In our family, it has helped me greatly to think about which problems with either of our parents are actually priorities for my kids/keeping our life happy and which are the weird things I should just roll my eyes about and complain to dh about later.  

 

 

I've also heaped lots of praise/thanks/compliments on both our mothers for the things I know they've found or done for the kids that have been really great or are more along the lines of what I really love most for our family.  And that has really helped in the long run - because they remember it more themselves.  And the other, questionable stuff I do disappear, and have used as a bit of teaching lesson for the kids about some of our standards ('I don't know why grandma got you these super-short shorts dd, but I think she must not have realized they'd be so small on you.  I know the longer ones are much more comfortable for tree climbing, maybe we'll pass these on to someone else, etc. . .') 

post #22 of 43
Quote:
Originally Posted by One_Girl View Post

It sounds like the problem may be your husband not your mom since you are mostly fine with these little things but your husband is pressuring you not to be. I would make it very clear that you are never dropping your mother from your life over things as insignificant as grapes and wet wipes and you he values your family and you enough to accept that without trying to drive a wedge between you and your mother. I am divorced and have little patience for talk against my family though so that may or may not be good advice.

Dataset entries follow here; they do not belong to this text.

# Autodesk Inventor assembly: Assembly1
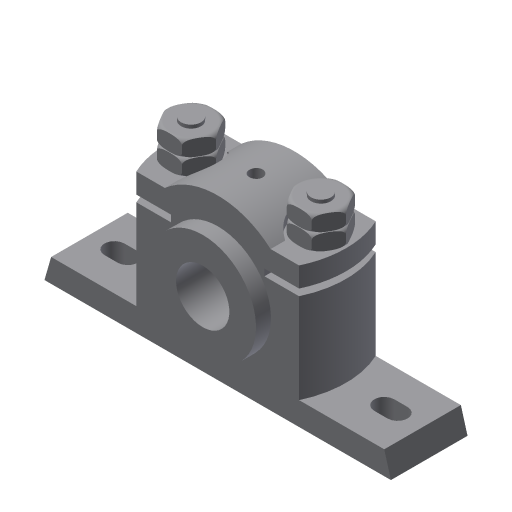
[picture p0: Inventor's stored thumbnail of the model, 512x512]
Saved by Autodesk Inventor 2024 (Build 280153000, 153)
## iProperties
Created: 2016-03
Part Number: Assembly1
Document SubType Name: Assembly
Designer: Sandeep
Author: Sandeep
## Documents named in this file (7)
- D:\PROJECTS\Project 2023\RESOURCES INVENTOR 2024\RESOURCES INVENTOR 2024\Inventor_2023_Part\Inventor_2024_Part\c13_Inv_2024_prt\fig-13-7\Plummer block assy\Assembly1.iam
- D:\PROJECTS\Project 2023\RESOURCES INVENTOR 2024\RESOURCES INVENTOR 2024\Inventor_2023_Part\Inventor_2024_Part\c13_Inv_2024_prt\fig-13-7\Plummer block assy\Casting.ipt
- D:\PROJECTS\Project 2023\RESOURCES INVENTOR 2024\RESOURCES INVENTOR 2024\Inventor_2023_Part\Inventor_2024_Part\c13_Inv_2024_prt\fig-13-7\Plummer block assy\Brasses.ipt
- D:\PROJECTS\Project 2023\RESOURCES INVENTOR 2024\RESOURCES INVENTOR 2024\Inventor_2023_Part\Inventor_2024_Part\c13_Inv_2024_prt\fig-13-7\Plummer block assy\Cap.ipt
- D:\PROJECTS\Project 2023\RESOURCES INVENTOR 2024\RESOURCES INVENTOR 2024\Inventor_2023_Part\Inventor_2024_Part\c13_Inv_2024_prt\fig-13-7\Plummer block assy\Bolt.ipt
- D:\PROJECTS\Project 2023\RESOURCES INVENTOR 2024\RESOURCES INVENTOR 2024\Inventor_2023_Part\Inventor_2024_Part\c13_Inv_2024_prt\fig-13-7\Plummer block assy\Nut.ipt
- D:\PROJECTS\Project 2023\RESOURCES INVENTOR 2024\RESOURCES INVENTOR 2024\Inventor_2023_Part\Inventor_2024_Part\c13_Inv_2024_prt\fig-13-7\Plummer block assy\Lock Nut.ipt
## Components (9 placed, 6 different names)
1. Casting:1 — Mate:1, Mate:2, Insert:1, Insert:2, Angle:1, Angle:2
2. Brasses:1 — Mate:1, Mate:2, Mate:3, Mate:4
3. Cap:1 — Mate:3, Mate:4, Insert:3, Insert:5
4. Bolt:1 — Insert:1, Angle:1
5. Bolt:2 — Insert:2, Angle:2
6. Nut:1 — Insert:3, Insert:4
7. Nut:2 — Insert:5, Insert:6
8. Lock Nut:1 — Insert:4
9. Lock Nut:2 — Insert:6
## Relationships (12: Insert 6, Mate 4, Angle 2)
- Mate:1: Casting:1 ↔ Brasses:1
- Mate:2: Casting:1 ↔ Brasses:1
- Mate:3: Brasses:1 ↔ Cap:1
- Mate:4: Brasses:1 ↔ Cap:1
- Insert:1: Casting:1 ↔ Bolt:1
- Insert:2: Casting:1 ↔ Bolt:2
- Angle:1: Casting:1 ↔ Bolt:1
- Angle:2: Casting:1 ↔ Bolt:2
- Insert:3: Cap:1 ↔ Nut:1
- Insert:4: Nut:1 ↔ Lock Nut:1
- Insert:5: Cap:1 ↔ Nut:2
- Insert:6: Nut:2 ↔ Lock Nut:2

The OP's husband is a parent to the child, he has a right to express his opinion about things affecting his child.  The OP isn't completely happy with the situation, and her husband isn't entirely happy with the situation, sounds like a good reason to change the situation.

post #23 of 43

To me, the problem here is less the actual decisions--I don't think having conventional grapes once a week or getting wiped occasionally with a wet wipe will harm your son--than the fact that grandma seems to making a deliberate, concerted effort to undermine the OP's values. If the grandson was at grandma's house and he gave her the grapes or juice she had in the fridge, that wouldn't seem like a big deal to me. But going out of her way to bring the product she KNOWS mom doesn't like, when mom has the preferred product right in her home? Why on earth would anyone do this? 

 

I also have a mom who takes the slightest criticism as an excuse to go loco, but I still think it might be worth having a conversation. I would try not to frame it in terms of grapes or wipes or whatever. Grandma can easily dismiss each individual concern as minor. I'd be more interested in whatever underlying issues are making grandma act the way she is acting. 

post #24 of 43

my mom tends to roll her eyes and comment, "it's amazing y'all survived your childhood!" yeah, bc new health/safety info never comes out these days. i try to keep all this in mind for whenever i am a grandmother.

 

something i have thought about...how was your mom and her mom's relationship? if your mom parented you in ways her own mother didn't agree with, she may feel you are saying she made mistakes? i raise my kids in ways my mom totally disapproves of, and if mine do the same i'm sure i will worry my kids think i was a failure...i will feel that way bc i know *why* i won't follow my mom's parenting.

 

it's so complicated LOL

post #25 of 43
Quote:
Quote:
Originally Posted by pek64 View Post

Maybe you're confusing the mom and mother-in-law.

What does this mean? The op clearly states it is her mother she loves dearly at the beginning of the op. Maybe you should read the op.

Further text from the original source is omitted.